*** Material for the task

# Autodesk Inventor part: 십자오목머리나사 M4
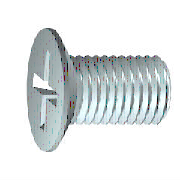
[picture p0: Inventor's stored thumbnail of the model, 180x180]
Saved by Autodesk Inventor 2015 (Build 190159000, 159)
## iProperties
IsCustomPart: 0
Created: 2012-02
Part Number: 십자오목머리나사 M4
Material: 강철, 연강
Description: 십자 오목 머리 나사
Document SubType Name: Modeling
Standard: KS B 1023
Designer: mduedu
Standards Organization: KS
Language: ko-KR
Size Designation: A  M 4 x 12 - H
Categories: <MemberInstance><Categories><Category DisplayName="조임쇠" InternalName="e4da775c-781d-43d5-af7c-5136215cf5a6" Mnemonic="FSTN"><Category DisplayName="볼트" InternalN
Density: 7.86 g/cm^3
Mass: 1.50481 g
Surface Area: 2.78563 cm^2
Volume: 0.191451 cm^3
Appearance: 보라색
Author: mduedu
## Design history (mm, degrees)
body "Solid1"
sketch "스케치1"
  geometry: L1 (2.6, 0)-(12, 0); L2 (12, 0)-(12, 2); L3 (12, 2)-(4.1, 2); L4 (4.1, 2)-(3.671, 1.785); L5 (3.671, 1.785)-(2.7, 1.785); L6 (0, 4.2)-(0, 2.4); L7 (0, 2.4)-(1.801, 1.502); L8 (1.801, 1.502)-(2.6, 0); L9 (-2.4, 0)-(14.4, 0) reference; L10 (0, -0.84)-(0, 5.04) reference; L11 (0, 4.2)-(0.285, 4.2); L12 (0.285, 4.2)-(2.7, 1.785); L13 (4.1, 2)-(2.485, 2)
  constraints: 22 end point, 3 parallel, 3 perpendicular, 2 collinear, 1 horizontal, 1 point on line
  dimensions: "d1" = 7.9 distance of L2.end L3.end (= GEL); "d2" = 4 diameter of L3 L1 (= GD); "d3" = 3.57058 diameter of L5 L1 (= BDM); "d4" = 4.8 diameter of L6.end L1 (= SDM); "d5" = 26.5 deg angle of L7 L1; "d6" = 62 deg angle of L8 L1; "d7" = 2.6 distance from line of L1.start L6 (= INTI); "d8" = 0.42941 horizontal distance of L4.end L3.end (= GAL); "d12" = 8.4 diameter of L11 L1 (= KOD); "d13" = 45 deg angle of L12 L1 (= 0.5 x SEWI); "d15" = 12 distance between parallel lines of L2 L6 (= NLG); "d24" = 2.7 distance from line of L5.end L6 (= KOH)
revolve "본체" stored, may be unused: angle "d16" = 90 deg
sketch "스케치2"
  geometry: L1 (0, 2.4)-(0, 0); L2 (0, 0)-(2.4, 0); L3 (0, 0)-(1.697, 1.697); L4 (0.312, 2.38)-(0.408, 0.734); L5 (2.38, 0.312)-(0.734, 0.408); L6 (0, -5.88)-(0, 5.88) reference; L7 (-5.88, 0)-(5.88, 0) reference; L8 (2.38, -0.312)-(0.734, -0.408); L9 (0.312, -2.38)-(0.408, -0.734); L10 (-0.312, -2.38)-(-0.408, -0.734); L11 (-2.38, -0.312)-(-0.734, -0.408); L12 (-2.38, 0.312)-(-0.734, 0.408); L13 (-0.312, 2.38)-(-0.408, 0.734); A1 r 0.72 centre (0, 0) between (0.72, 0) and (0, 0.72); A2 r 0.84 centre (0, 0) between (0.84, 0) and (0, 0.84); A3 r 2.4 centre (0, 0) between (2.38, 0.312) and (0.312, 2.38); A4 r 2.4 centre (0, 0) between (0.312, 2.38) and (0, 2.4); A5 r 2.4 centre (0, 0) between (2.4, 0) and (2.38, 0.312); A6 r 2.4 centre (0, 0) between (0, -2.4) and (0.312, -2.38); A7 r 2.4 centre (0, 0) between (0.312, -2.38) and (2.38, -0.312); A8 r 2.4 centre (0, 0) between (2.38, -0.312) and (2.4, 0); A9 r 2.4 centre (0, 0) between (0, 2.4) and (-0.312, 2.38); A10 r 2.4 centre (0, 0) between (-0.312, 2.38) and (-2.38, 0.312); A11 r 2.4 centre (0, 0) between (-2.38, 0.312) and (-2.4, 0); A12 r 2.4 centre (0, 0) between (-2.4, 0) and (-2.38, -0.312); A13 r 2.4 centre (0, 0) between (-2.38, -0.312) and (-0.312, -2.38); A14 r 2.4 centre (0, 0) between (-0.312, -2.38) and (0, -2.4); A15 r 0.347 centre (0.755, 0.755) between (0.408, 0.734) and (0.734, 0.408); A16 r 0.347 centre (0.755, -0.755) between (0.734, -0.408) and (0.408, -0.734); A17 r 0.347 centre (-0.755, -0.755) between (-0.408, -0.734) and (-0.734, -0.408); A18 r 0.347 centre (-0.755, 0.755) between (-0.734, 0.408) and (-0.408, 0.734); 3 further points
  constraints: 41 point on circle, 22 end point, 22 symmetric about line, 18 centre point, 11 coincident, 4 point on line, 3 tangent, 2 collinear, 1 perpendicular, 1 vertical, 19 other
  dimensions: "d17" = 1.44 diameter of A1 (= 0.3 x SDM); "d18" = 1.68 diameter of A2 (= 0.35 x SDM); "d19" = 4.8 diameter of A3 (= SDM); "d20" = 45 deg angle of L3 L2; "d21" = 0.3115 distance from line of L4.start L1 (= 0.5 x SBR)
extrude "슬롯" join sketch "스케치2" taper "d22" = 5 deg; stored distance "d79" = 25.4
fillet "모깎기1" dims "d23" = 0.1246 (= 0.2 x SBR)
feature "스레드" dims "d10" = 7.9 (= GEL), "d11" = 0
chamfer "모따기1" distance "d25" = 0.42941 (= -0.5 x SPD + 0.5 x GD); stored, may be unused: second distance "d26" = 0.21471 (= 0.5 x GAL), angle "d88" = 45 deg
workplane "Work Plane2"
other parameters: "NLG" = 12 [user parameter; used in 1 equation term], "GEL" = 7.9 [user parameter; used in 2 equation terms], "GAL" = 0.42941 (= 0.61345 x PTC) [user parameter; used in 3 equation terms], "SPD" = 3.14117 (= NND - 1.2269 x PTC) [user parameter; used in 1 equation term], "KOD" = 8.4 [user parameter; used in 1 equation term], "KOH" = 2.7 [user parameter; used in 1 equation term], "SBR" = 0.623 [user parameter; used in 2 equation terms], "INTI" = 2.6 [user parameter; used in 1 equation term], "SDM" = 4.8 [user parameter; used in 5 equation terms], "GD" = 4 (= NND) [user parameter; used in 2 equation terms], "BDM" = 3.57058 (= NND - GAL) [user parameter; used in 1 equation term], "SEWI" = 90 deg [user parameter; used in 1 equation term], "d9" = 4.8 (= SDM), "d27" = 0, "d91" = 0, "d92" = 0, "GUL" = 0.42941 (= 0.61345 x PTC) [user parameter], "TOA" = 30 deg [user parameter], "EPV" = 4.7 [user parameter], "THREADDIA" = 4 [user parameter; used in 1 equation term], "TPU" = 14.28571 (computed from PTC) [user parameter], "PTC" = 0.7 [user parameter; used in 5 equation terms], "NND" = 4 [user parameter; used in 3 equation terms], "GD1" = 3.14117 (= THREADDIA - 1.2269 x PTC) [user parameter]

******

A verbatim transcription is needed of the lines above, starting at the line with "## Design history (mm, degrees)" and ending at the line with "geometry: L1 (2.6, 0)-(12, 0);", both included, and of nothing else.

▸ **Solution below**:
## Design history (mm, degrees)
body "Solid1"
sketch "스케치1"
  geometry: L1 (2.6, 0)-(12, 0); L2 (12, 0)-(12, 2); L3 (12, 2)-(4.1, 2); L4 (4.1, 2)-(3.671, 1.785); L5 (3.671, 1.785)-(2.7, 1.785); L6 (0, 4.2)-(0, 2.4); L7 (0, 2.4)-(1.801, 1.502); L8 (1.801, 1.502)-(2.6, 0); L9 (-2.4, 0)-(14.4, 0) reference; L10 (0, -0.84)-(0, 5.04) reference; L11 (0, 4.2)-(0.285, 4.2); L12 (0.285, 4.2)-(2.7, 1.785); L13 (4.1, 2)-(2.485, 2)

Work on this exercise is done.